Полицейские ушли, оставив разъяренного Ангюста в полном недоумении. Все вокруг смотрели на него как на сумасшедшего. И тут снова захихикал голландец.

— Ты, наконец, понял, что происходит? — спросил Тексель.

— Кто вам позволил мне «тыкать»? Я с вами свиней не пас.

Текстор расхохотался. Все вокруг слушали этот разговор и с любопытством наблюдали за происходящим. Ангюст вскочил и в бешенстве заорал на зевак:

— А ну катитесь отсюда! И попробуйте только сюда сунуться! Я вам всем кости пересчитаю!

Вид у него был такой свирепый, что все немедленно разошлись. А сидевшие поблизости пересели подальше. И больше уже никто к нему не приближался.

— Браво, Жером!

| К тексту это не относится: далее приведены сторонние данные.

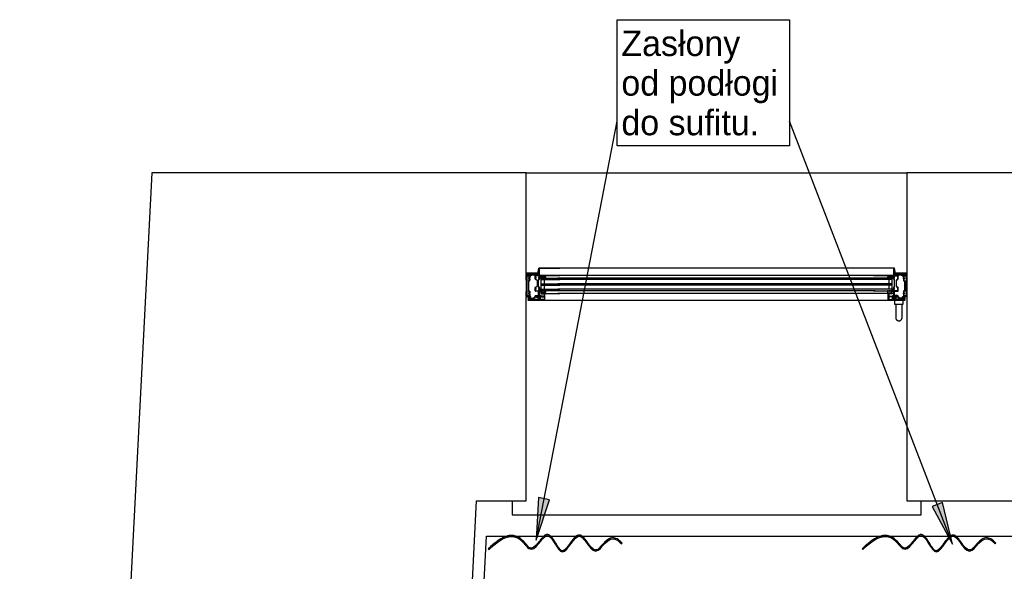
# Model space of a CAD drawing. Header units: centimetres. Extents: x -1062 to 5388, y 1642 to 2943.
# Tile 63 of 90: x 4084 to 4363, y 2662 to 2819. Entities that reach past the tile are written whole.
import ezdxf

# ---------------------------------------------------------------- set-up
doc = ezdxf.new("R2010")
doc.units = ezdxf.units.CM
for name, color, linetype in [('M-FREON-LIQUID-NEW', 150, 'Continuous'), ('M-XREF', 252, 'Continuous'), ('XREF$0$Elementy szczegółów', 8, 'Continuous'), ('XREF$0$Notatki tekstowe', 8, 'Continuous'), ('XREF$0$Notatki tekstowe-1', 8, 'Continuous'), ('XREF$0$Okna', 8, 'Continuous'), ('XREF$0$Okna-2', 8, 'Continuous'), ('XREF$0$Ściany', 8, 'Continuous'), ('XREF$0$Ściany-2', 8, 'Continuous')]:
    doc.layers.add(name, color=color, linetype=linetype)
doc.styles.add('XREF$0$Arial', font='txt', dxfattribs={"height": 7.2})

# ---------------------------------------------------------------- blocks, each defined once
blk = doc.blocks.new('XREF$0$JANSEN_AG_Jansen_Janisol_Arte_66_window_2022 - Type 1-822849-Aranżacja_01')
for p, q in [((-50.69, 18.05), (-54, 18.05)), ((-54, 18.05), (-54, 11.45)), ((-54, 18.05), (-54, 11.45)), ((-54, 18.05), (-54, 11.45)), ((-53.85, 18.05), (-51.15, 18.05)), ((-51.15, 17.75), (-53.55, 17.75)), ((-53.55, 17.45), (-53.15, 17.45)), ((-53.54, 17.75), (-53.06, 17.75)), ((-53.08, 17.54), (-53.29, 17.56)), ((-53, 17.08), (-52.98, 17.43)), ((-52.93, 17.06), (-52.97, 17.05)), ((-52.94, 17.75), (-51.15, 17.75)), ((-52.75, 17.42), (-52.86, 17.14)), ((-51.5, 16.64), (-51.5, 16.89)), ((-51.49, 17.69), (-51.23, 17.7)), ((-51.14, 17.5), (-51.36, 17.45)), ((-51.35, 17.45), (-48.85, 17.45)), ((-51.09, 17.74), (-51.07, 17.58)), ((-50.45, 19.45), (-50.69, 18.05)), ((50.44, 19.45), (-50.45, 19.45)), ((-50.2, 16.64), (-50.2, 16.89)), ((-50, 16.65), (-50.16, 16.77)), ((-48.85, 17.15), (-50.15, 17.15)), ((-50.13, 16.84), (-49.77, 16.9)), ((-49.7, 17.1), (-48.93, 17.1)), ((-48.7, 16.91), (-49.06, 16.92)), ((-48.85, 17.45), (-44.5, 17.45)), ((-48.7, 17.26), (-48.7, 17.3)), ((-48.59, 16.75), (-48.66, 16.88)), ((45, 17.45), (-45, 17.45)), ((48.85, 17.45), (44.5, 17.45)), ((48.59, 16.75), (48.66, 16.88)), ((48.7, 17.26), (48.7, 17.3)), ((48.7, 16.91), (49.06, 16.92)), ((51.35, 17.45), (48.85, 17.45)), ((48.85, 17.15), (50.15, 17.15)), ((49.7, 17.1), (48.93, 17.1)), ((50.13, 16.84), (49.77, 16.9)), ((50, 16.65), (50.16, 16.77)), ((50.2, 16.64), (50.2, 16.89)), ((50.69, 18.05), (50.44, 19.45)), ((54, 18.05), (50.69, 18.05)), ((51.09, 17.74), (51.07, 17.58)), ((51.14, 17.5), (51.36, 17.45)), ((53.85, 18.05), (51.15, 18.05)), ((52.94, 17.75), (51.15, 17.75)), ((51.15, 17.75), (53.55, 17.75)), ((51.49, 17.69), (51.23, 17.7)), ((51.5, 16.64), (51.5, 16.89)), ((52.75, 17.42), (52.86, 17.14)), ((52.93, 17.06), (52.97, 17.05)), ((53, 17.08), (52.98, 17.43)), ((53.54, 17.75), (53.06, 17.75)), ((53.08, 17.54), (53.29, 17.56)), ((53.55, 17.45), (53.15, 17.45)), ((54, 11.45), (54, 18.05)), ((54, 18.05), (54, 11.45)), ((54, 18.05), (54, 11.45)), ((-54, 16.45), (-54, 16.7)), ((-53, 16.45), (-53, 16.7)), ((-50.01, 16.74), (-49.99, 16.67)), ((-49.91, 16.72), (-49.91, 16.71)), ((-49.8, 16.25), (-44.5, 16.25)), ((-49.8, 15.08), (-44.5, 15.08)), ((-49.8, 14.68), (-44.5, 14.68)), ((-49.24, 16.7), (-49.28, 16.75)), ((-49.18, 16.74), (-49.21, 16.71)), ((-48.9, 16.25), (-48.9, 15.08)), ((-48.9, 14.68), (-48.9, 13.5)), ((45, 16.65), (-45, 16.65)), ((45, 16.25), (-45, 16.25)), ((45, 15.08), (-45, 15.08)), ((45, 14.68), (-45, 14.68)), ((49.8, 16.25), (44.5, 16.25)), ((49.8, 15.08), (44.5, 15.08)), ((49.8, 14.68), (44.5, 14.68)), ((48.9, 16.25), (48.9, 15.08)), ((48.9, 14.68), (48.9, 13.5)), ((49.18, 16.74), (49.21, 16.71)), ((49.24, 16.7), (49.28, 16.75)), ((49.91, 16.72), (49.91, 16.71)), ((50.01, 16.74), (49.99, 16.67)), ((53, 16.45), (53, 16.7)), ((54, 16.45), (54, 16.7)), ((-54, 12.21), (-54, 12.46)), ((-54, 11.45), (-53.5, 11.45)), ((-53.15, 11.45), (-53.85, 11.45)), ((-53.19, 11.26), (-52.91, 11.26)), ((-53.17, 11.45), (-53.16, 11.45)), ((-53, 12.21), (-53, 12.46)), ((-52.88, 11.23), (-52.88, 11.06)), ((-51.59, 11.3), (-51.55, 11.3)), ((-51.5, 13.51), (-51.5, 13.76)), ((-51.5, 11.35), (-51.5, 11.55)), ((-50.6, 12.95), (-51.35, 12.95)), ((-51.35, 11.7), (-50.6, 11.7)), ((-51.3, 13.1), (-50.56, 13.1)), ((-50.5, 11.8), (-50.5, 12.85)), ((-50.36, 12.9), (-50.36, 11.75)), ((-50.2, 13.51), (-50.2, 13.76)), ((-50.2, 11.45), (-50.2, 10.95)), ((-50.01, 13.26), (-50.03, 13.24)), ((-50.02, 13.23), (-49.94, 13.21)), ((-49.92, 13.18), (-49.94, 13.17)), ((-49.93, 13.14), (-49.85, 13.13)), ((-49.91, 10.92), (-49.91, 11.48)), ((-49.84, 13.09), (-49.86, 13.07)), ((-49.85, 13.06), (-49.75, 13.04)), ((-49.8, 13.5), (-44.5, 13.5)), ((-48.89, 11.53), (-49.69, 11.53)), ((-49.69, 11.4), (-48.89, 11.4)), ((-49.65, 12.65), (-49.65, 12.75)), ((-49.51, 12.5), (-49.55, 12.5)), ((-48.73, 12.5), (-49.45, 12.5)), ((-49.05, 12.9), (-48.7, 12.95)), ((-49, 12.42), (-49, 12.4)), ((-48.78, 12.5), (-48.92, 12.5)), ((-48.84, 12.19), (-48.84, 11.58)), ((-48.84, 11.35), (-48.84, 10.69)), ((-48.7, 12.36), (-48.7, 12.47)), ((-48.7, 10.58), (-48.7, 12.42)), ((-48.61, 12.33), (-48.67, 12.33)), ((-48.65, 12.33), (-44.5, 12.33)), ((-48.5, 13.05), (-48.44, 13.09)), ((45, 13.5), (-45, 13.5)), ((45, 13.1), (-45, 13.1)), ((45, 12.33), (-45, 12.33)), ((49.8, 13.5), (44.5, 13.5)), ((48.65, 12.33), (44.5, 12.33)), ((48.5, 13.05), (48.44, 13.09)), ((48.61, 12.33), (48.67, 12.33)), ((49.05, 12.9), (48.7, 12.95)), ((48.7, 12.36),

Здорово ты разбушевался! Я хоть и пас с тобой свиней, но таким тебя еще не видел.

— Я запрещаю мне «тыкать»!

— После всего, что мы с тобой вместе пережили, можешь мне тоже «тыкать».

— Об этом не может быть и речи.

— Но ведь я знаю тебя очень давно.

Жером посмотрел на часы.

— Менее двух часов.

— Я знаю тебя всю жизнь.

Ангюст впился глазами в лицо голландца.

— Текстор Тексель — это псевдоним? Вы учились со мной в одной школе?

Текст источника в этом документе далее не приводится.